Q40. What are the effects of the transitional provisions?

Transitional provisions were included to provide clarity about how the amendments affect matters before the courts at the time of the enactment (this is also known as “temporal application”).

The transitional provision clarifies that the majority of the changes would apply immediately to matters that are before the court at the time they come into force.

Additional clarification is provided with respect to the law that governs warrants and authorizations.
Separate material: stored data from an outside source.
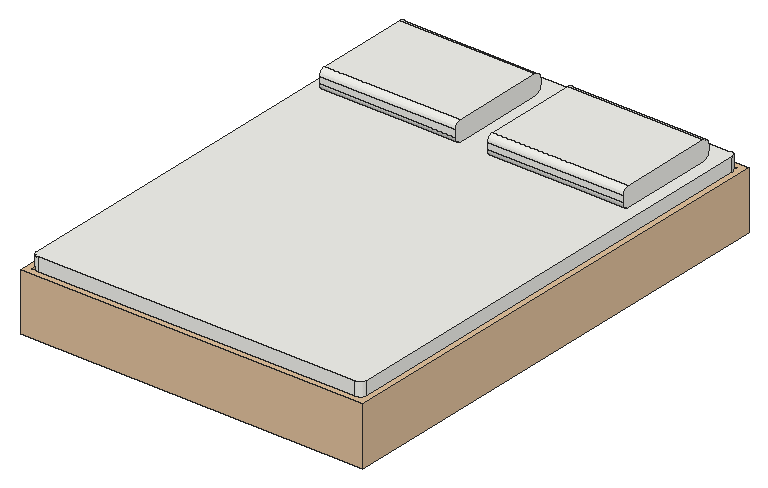
Revit family "Cama básica", category Furniture, Revit 2016
Family settings
  OmniClass Number = 23.40.20.17.14.11
  OmniClass Title = Beds
  Work Plane-Based = No
  Always vertical = Yes
  Cut with Voids When Loaded = No
  Shared = No
  Room Calculation Point = No
Parameters (values of type "Casal - 190 x 135")
  Frame Material = Wood - Birch
  Length = 190.00 cm
  Mattress Material = Textile - White
  Width = 135.00 cm
Types (3, lengths in cm): name | Length | Width
  Casal - 190 x 135 | 190.00 | 135.00
  Casal - 200 x 150 | 200.00 | 150.00
  Solteiro - 95 x 190 | 188.00 | 95.00
Reference planes (cm)
  plane 1 "Center (Front/Back)": y = -23.443
  plane 2: z = 0
  plane 3 "Center (Left/Right)": x = 33.9152
  plane 4: y = 71.557
  plane 5: y = -118.443
  plane 6: x = -33.5848
  plane 7: x = 101.4152
  plane 8: z = 17.78
  plane 9: y = 61.397
  plane 10: y = 19.487
Forms (cm)
  Sweep 1, solid, material "Wood - Birch" <- "Frame Material"
    path origin (0, -118.443, 0) x (1, 0, 0) y (0, 0, 1)
      loop
        line (-31.0448, 17.78) -> (-25.9648, 17.78) -> (-18.3577, 1.4665)
        arc (-18.3577, 1.4665) -> (-17.4204, 0.3978) -> (-16.0556, 0) r 2.54
        line (-16.0556, 0) -> (-8.1944, 0)
        arc (-8.1944, 0) -> (-7.537, 0.0865) -> (-6.9244, 0.3403) r 2.54
        line (-6.9244, 0.3403) -> (-0.9147, 3.81) -> (68.7452, 3.81) -> (74.7549, 0.3403)
        arc (74.7549, 0.3403) -> (75.3675, 0.0865) -> (76.0249, 0) r 2.54
        line (76.0249, 0) -> (83.8861, 0)
        arc (83.8861, 0) -> (85.2509, 0.3978) -> (86.1882, 1.4665) r 2.54
        line (86.1882, 1.4665) -> (93.7952, 17.78) -> (98.8752, 17.78)
    profile origin (-28.5048, -123.793, 0) x (0, 0, 1) y (0, -1, 0)
      loop
        line (19.685, -28.21) -> (17.78, -28.21) -> (17.78, -35.83) -> (19.685, -35.83) -> (19.685, -28.21)
  Extrusion 2, solid, material "Textile - White" <- "Mattress Material"
    sketch origin (0, 0, 40.64) x (1, 0, 0) y (0, 1, 0)
      loop
        line (96.3352, 69.017) -> (-28.5048, 69.017)
        arc (-28.5048, 69.017) -> (-30.3008, 68.2731) -> (-31.0448, 66.477) r 2.54
        line (-31.0448, 66.477) -> (-31.0448, -113.363)
        arc (-31.0448, -113.363) -> (-30.3008, -115.159) -> (-28.5048, -115.903) r 2.54
        line (-28.5048, -115.903) -> (96.3352, -115.903)
        arc (96.3352, -115.903) -> (98.1313, -115.159) -> (98.8752, -113.363) r 2.54
        line (98.8752, -113.363) -> (98.8752, 66.477)
        arc (98.8752, 66.477) -> (98.1313, 68.2731) -> (96.3352, 69.017) r 2.54
    from 0 to -20.32
  Sweep 3, solid, material "Wood - Birch" <- "Frame Material"
    path origin (0, 71.557, 0) x (1, 0, 0) y (0, 0, 1)
      loop
        line (-31.0123, 17.78) -> (-25.9323, 17.78) -> (-18.3252, 1.4665)
        arc (-18.3252, 1.4665) -> (-17.388, 0.3978) -> (-16.0232, 0) r 2.54
        line (-16.0232, 0) -> (-8.162, 0)
        arc (-8.162, 0) -> (-7.5046, 0.0865) -> (-6.892, 0.3403) r 2.54
        line (-6.892, 0.3403) -> (-0.8823, 3.81) -> (68.7452, 3.81) -> (74.7549, 0.3403)
        arc (74.7549, 0.3403) -> (75.3675, 0.0865) -> (76.0249, 0) r 2.54
        line (76.0249, 0) -> (83.8861, 0)
        arc (83.8861, 0) -> (85.2509, 0.3978) -> (86.1882, 1.4665) r 2.54
        line (86.1882, 1.4665) -> (93.7952, 17.78) -> (98.8752, 17.78)
    profile origin (-28.4723, 76.907, 0) x (0, 0, 1) y (0, -1, 0)
      loop
        line (17.78, 38.37) -> (17.78, 30.75) -> (19.685, 30.75) -> (19.685, 38.37) -> (17.78, 38.37)
  Extrusion 4, solid, material "Wood - Birch" <- "Frame Material"
    sketch origin (0, 0, 0) x (1, 0, 0) y (0, 1, 0)
      loop
        line (-33.5848, 71.557) -> (-33.5848, -118.443) -> (101.4152, -118.443) -> (101.4152, 71.557) -> (-33.5848, 71.557)
      loop
        line (-31.0448, 69.017) -> (-31.0448, -115.903) -> (98.8752, -115.903) -> (98.8752, 69.017) -> (-31.0448, 69.017)
    from 12.7 to 35.56
  Sweep 5, solid, material "Textile - White" <- "Mattress Material"
    path origin (0, 0, 0) x (1, 0, 0) y (0, 1, 0)
      loop
        line (-25.9648, 61.397) -> (27.5652, 61.397)
    profile origin (0.8002, 0, 0) x (0, 1, 0) y (0, 0, 1)
      loop
        line (22.027, 40.64) -> (58.857, 40.64)
        arc (58.857, 40.64) -> (60.6531, 41.3839) -> (61.397, 43.18) r 2.54
        line (61.397, 43.18) -> (61.397, 45.72)
        arc (61.397, 45.72) -> (60.6531, 47.5161) -> (58.857, 48.26) r 2.54
        line (58.857, 48.26) -> (22.027, 48.26)
        arc (22.027, 48.26) -> (20.231, 47.5161) -> (19.487, 45.72) r 2.54
        line (19.487, 45.72) -> (19.487, 43.18)
        arc (19.487, 43.18) -> (20.231, 41.3839) -> (22.027, 40.64) r 2.54
  Sweep 6, solid, material "Textile - White" <- "Mattress Material"
    path origin (74.93, 0, 0) x (1, 0, 0) y (0, 1, 0)
      loop
        line (-34.6648, 61.397) -> (18.8652, 61.397)
    profile origin (67.0302, 0, 0) x (0, 1, 0) y (0, 0, 1)
      loop
        line (22.027, 40.64) -> (58.857, 40.64)
        arc (58.857, 40.64) -> (60.6531, 41.3839) -> (61.397, 43.18) r 2.54
        line (61.397, 43.18) -> (61.397, 45.72)
        arc (61.397, 45.72) -> (60.6531, 47.5161) -> (58.857, 48.26) r 2.54
        line (58.857, 48.26) -> (22.027, 48.26)
        arc (22.027, 48.26) -> (20.231, 47.5161) -> (19.487, 45.72) r 2.54
        line (19.487, 45.72) -> (19.487, 43.18)
        arc (19.487, 43.18) -> (20.231, 41.3839) -> (22.027, 40.64) r 2.54
Lines and regions (cm)
  Masking region 1
    outline origin (0, 0, 0) x (1, 0, 0) y (0, 1, 0)
      loop
        line (-33.5848, 71.557) -> (-33.5848, -118.443) -> (101.4152, -118.443) -> (101.4152, 71.557) -> (-33.5848, 71.557)
  symbolic lines
    curve 1: line (-33.5848, 71.557, 0) -> (101.4152, 71.557, 0)
    curve 2: line (-33.5848, 71.557, 0) -> (-33.5848, -118.443, 0)
    curve 3: line (-33.5848, -118.443, 0) -> (101.4152, -118.443, 0)
    curve 4: line (101.4152, 71.557, 0) -> (101.4152, -118.443, 0)
    curve 5: line (-31.0448, 69.017, 0) -> (98.8752, 69.017, 0)
    curve 6: line (-31.0448, 69.017, 0) -> (-31.0448, -115.903, 0)
    curve 7: line (-31.0448, -115.903, 0) -> (98.8752, -115.903, 0)
    curve 8: line (98.8752, 69.017, 0) -> (98.8752, -115.903, 0)
    curve 9: line (-25.9648, 61.397, 0) -> (27.5652, 61.397, 0)
    curve 10: line (-25.9648, 61.397, 0) -> (-25.9648, 24.817, 0)
    curve 11: line (-25.9648, 24.817, 0) -> (27.5652, 24.817, 0)
    curve 12: line (27.5652, 61.397, 0) -> (27.5652, 24.817, 0)
    curve 13: line (40.2652, 61.397, 0) -> (93.7952, 61.397, 0)
    curve 14: line (40.2652, 61.397, 0) -> (40.2652, 24.817, 0)
    curve 15: line (40.2652, 24.817, 0) -> (93.7952, 24.817, 0)
    curve 16: line (93.7952, 61.397, 0) -> (93.7952, 24.817, 0)
    curve 17: line (98.8752, 24.817, 0) -> (-31.0448, 1.9757, 0)
Dimensions and locks (cm)
  equal spacing: plane 6, plane 3 "Center (Left/Right)", plane 7
  equal spacing: plane 5, plane 1 "Center (Front/Back)", plane 4
  "Length": plane 5 to plane 4
  "Width": plane 6 to plane 7
  locked: plane 6 to Sweep 1 sketch curve at 7.62
  locked: Sweep 1 sketch curve to Sweep 1 sketch curve at 7.8613  (x2)
  locked: Sweep 1 sketch curve to plane 7 at 7.62
  plane 10 to plane 9 to plane 4 = 41.91 cm, 10.16 cm locked
  aligned and locked: Extrusion 2 sketch curve to Extrusion 4  (x4)
  aligned and locked: curve 14 to Sweep 6 sketch curve
  aligned and locked: curve 16 to Sweep 6 sketch curve
  aligned and locked: curve 9 to Sweep 6 sketch curve
  aligned and locked: plane 7 to Masking region 1 sketch curve
  aligned and locked: plane 4 to Masking region 1 sketch curve
  aligned and locked: Masking region 1 sketch curve to plane 6
  aligned and locked: Masking region 1 sketch curve to plane 5
Automatic sketch dimensions
  Sweep 1 sketch curve to profile plane = 0.00 cm
  Sweep 1 sketch curve to profile plane = 1.905 cm
  Sweep 1 sketch curve to plane 5 = 30.48 cm
  Sweep 1 sketch curve to Sweep 1 sketch curve = 7.62 cm
  Sweep 3 sketch curve to profile plane = 0.00 cm
  Sweep 3 sketch curve to profile plane = 1.905 cm
  plane 4 to Sweep 3 sketch curve = 25.40 cm
  Sweep 3 sketch curve to Sweep 3 sketch curve = 7.62 cm
  Extrusion 4 sketch curve to plane 4 = 0.00 cm
  Extrusion 4 sketch curve to plane 6 = 0.00 cm
  Extrusion 4 sketch curve to plane 5 = 0.00 cm
  Extrusion 4 sketch curve to plane 7 = 0.00 cm
  Extrusion 4 sketch curve to plane 6 = 2.54 cm
  plane 7 to Extrusion 4 sketch curve = 2.54 cm
  Extrusion 4 sketch curve to plane 5 = 2.54 cm
  plane 4 to Extrusion 4 sketch curve = 2.54 cm
  Extrusion 2 sketch curve to Extrusion 2 sketch curve = 2.54 cm  (x3)
  plane 4 to Extrusion 2 sketch curve = 5.08 cm
  Sweep 1 sketch curve to level = 0.00 cm  (x2)
  Sweep 1 sketch curve to plane 6 = 2.54 cm
  level to Sweep 1 sketch curve = 1.4665 cm  (x2)
  Sweep 1 sketch curve to Sweep 1 sketch curve = 7.6071 cm
  Sweep 1 sketch curve to Sweep 1 sketch curve = 2.302 cm  (x2)
  level to Sweep 1 sketch curve = 0.3403 cm  (x2)
  Sweep 1 sketch curve to Sweep 1 sketch curve = 1.27 cm  (x2)
  level to Sweep 1 sketch curve = 3.81 cm
  Sweep 1 sketch curve to Sweep 1 sketch curve = 6.0097 cm  (x2)
  Sweep 1 sketch curve to Sweep 1 sketch curve = 25.0501 cm
  plane 7 to Sweep 1 sketch curve = 2.54 cm
  level to Sweep 1 sketch curve = 17.78 cm  (x2)
  Sweep 3 sketch curve to level = 0.00 cm  (x2)
  Sweep 3 sketch curve to plane 6 = 2.5724 cm
  Sweep 3 sketch curve to Sweep 3 sketch curve = 5.08 cm
  level to Sweep 3 sketch curve = 1.4665 cm  (x2)
  Sweep 3 sketch curve to plane 6 = 15.2595 cm
  level to Sweep 3 sketch curve = 2.54 cm  (x2)
  Sweep 3 sketch curve to Sweep 3 sketch curve = 7.8613 cm  (x2)
  level to Sweep 3 sketch curve = 0.3403 cm  (x2)
  Sweep 3 sketch curve to Sweep 3 sketch curve = 1.27 cm  (x2)
  level to Sweep 3 sketch curve = 3.81 cm  (x2)
  Sweep 3 sketch curve to Sweep 3 sketch curve = 6.0097 cm  (x2)
  plane 7 to Sweep 3 sketch curve = 32.6701 cm
  Sweep 3 sketch curve to Sweep 3 sketch curve = 0.00 cm
  plane 7 to Sweep 3 sketch curve = 7.62 cm
  plane 7 to Sweep 3 sketch curve = 2.54 cm
  level to Sweep 3 sketch curve = 17.78 cm  (x2)
  curve 3 to plane 5 = 0.00 cm
  curve 3 to plane 6 = 0.00 cm
  curve 4 to plane 4 = 0.00 cm
  curve 4 to plane 7 = 0.00 cm
  curve 1 to curve 6 = 2.54 cm
  curve 10 to plane 6 = 7.62 cm
  curve 9 to plane 3 "Center (Left/Right)" = 6.35 cm
  plane 3 "Center (Left/Right)" to curve 13 = 6.35 cm
  plane 7 to curve 13 = 7.62 cm
  plane 7 to curve 17 = 2.54 cm
  curve 8 to plane 5 = 2.54 cm
  curve 17 to plane 1 "Center (Front/Back)" = 25.4186 cm
  curve 17 to curve 11 = 22.8414 cm
  curve 15 to curve 11 = 0.00 cm
  curve 17 to curve 15 = 0.00 cm
  plane 4 to curve 10 = 10.16 cm
  plane 4 to curve 14 = 10.16 cm
  plane 4 to curve 8 = 2.54 cm
  Sweep 5 sketch curve to plane 9 = 0.00 cm
  Sweep 5 sketch curve to plane 6 = 7.62 cm
  Sweep 5 sketch curve to plane 3 "Center (Left/Right)" = 6.35 cm
  Sweep 5 sketch curve to profile plane = 0.00 cm
  profile plane to Sweep 5 sketch curve = 2.54 cm  (x2)
  Sweep 5 sketch curve to Sweep 5 sketch curve = 36.83 cm
  Sweep 5 sketch curve to Sweep 5 sketch curve = 0.00 cm
  Sweep 5 sketch curve to Sweep 5 sketch curve = 2.54 cm  (x2)
  level to Sweep 5 sketch curve = 40.64 cm
  Sweep 6 sketch curve to profile plane = 0.00 cm
  profile plane to Sweep 6 sketch curve = 2.54 cm  (x2)
  Sweep 6 sketch curve to Sweep 6 sketch curve = 36.83 cm
  Sweep 6 sketch curve to Sweep 6 sketch curve = 0.00 cm
  Sweep 6 sketch curve to Sweep 6 sketch curve = 2.54 cm  (x2)

Additional Qs & As: Bill S-4 – COVID-19 response and other measures

Q41. How do the amendments deal with connectivity in rural/remote communities?
  • While the Bill proposes amendments to clarify and expand the types of remote proceedings that may be held under the Criminal Code, it does not place an obligation on the courts to use them. It merely gives courts increased flexibility where the technological infrastructure exists and where it is appropriate.
  • The amendments would also ensure the court’s flexibility to cease the use of the technological means for a remote appearance and to take any measure that it considers appropriate in the circumstances to have the person appear at or participate in the proceeding in a different way. That way, if connectivity issues or concerns over the effectiveness of the technology arise, the court can take steps to address them.
  • The Government of Canada has also committed to support efforts to bring the court system into the 21st century and will work with the provinces and territories to do so. Moreover, the Government of Canada continues to make investments to connect 98 per cent of Canadians across the country to high-speed Internet by 2026, with the goal of connecting all Canadians by 2030.
Q42. What are the rules of consent surrounding remote appearances related to the Bill?
  • The provisions that address remote appearances are located in different parts of the Criminal Code; the rules of consent vary and are specified in each provision.
  • Bill S-4 would clarify and expand the availability of remote appearances, including the requirements for consent with respect to certain proceedings throughout the various stages of the criminal justice process from jury selection all the way through to sentencing.
Q43. Why does the Bill contain a provision where the accused may be required to appear remotely without consent?
  • The Bill would relocate and reenact an existing power of the court to require, without consent, an in-custody accused who has access to legal advice to appear by videoconference in a preliminary inquiry hearing or trial except when the evidence of a witness is being taken (clause 46, section 715.241). This power does not extend to pleas or sentencing.
  • The Bill would maintain this power so that it continues to be available where it is appropriate, such as where an accused who is in custody and has access to videoconferencing technology and legal advice is required to attend a matter relating to a preliminary inquiry or trial where no evidence is being presented, despite consent not being forthcoming.
Q44. Does the Bill address an offender’s consent to a remote appearance for a hearing of a breach of a conditional sentence order (CSO)?
  • Yes. Bill S-4 proposes an amendment (clause 46, section 715.235) that would expressly allow an offender to appear by videoconference or audioconference for sentencing purposes, with their consent and that of the prosecutor where the court considers it appropriate. The Bill further provides that sentencing by audioconference would only occur where the court is satisfied that videoconferencing is not readily available.
  • A breach of a CSO does not result in a new offence charged; the hearing for a breach of a CSO (section 742.6 of the Criminal Code) is considered to be a sentencing proceeding, and would be covered by the proposed amendment to allow an offender to appear by audioconference or videoconference for sentencing purposes.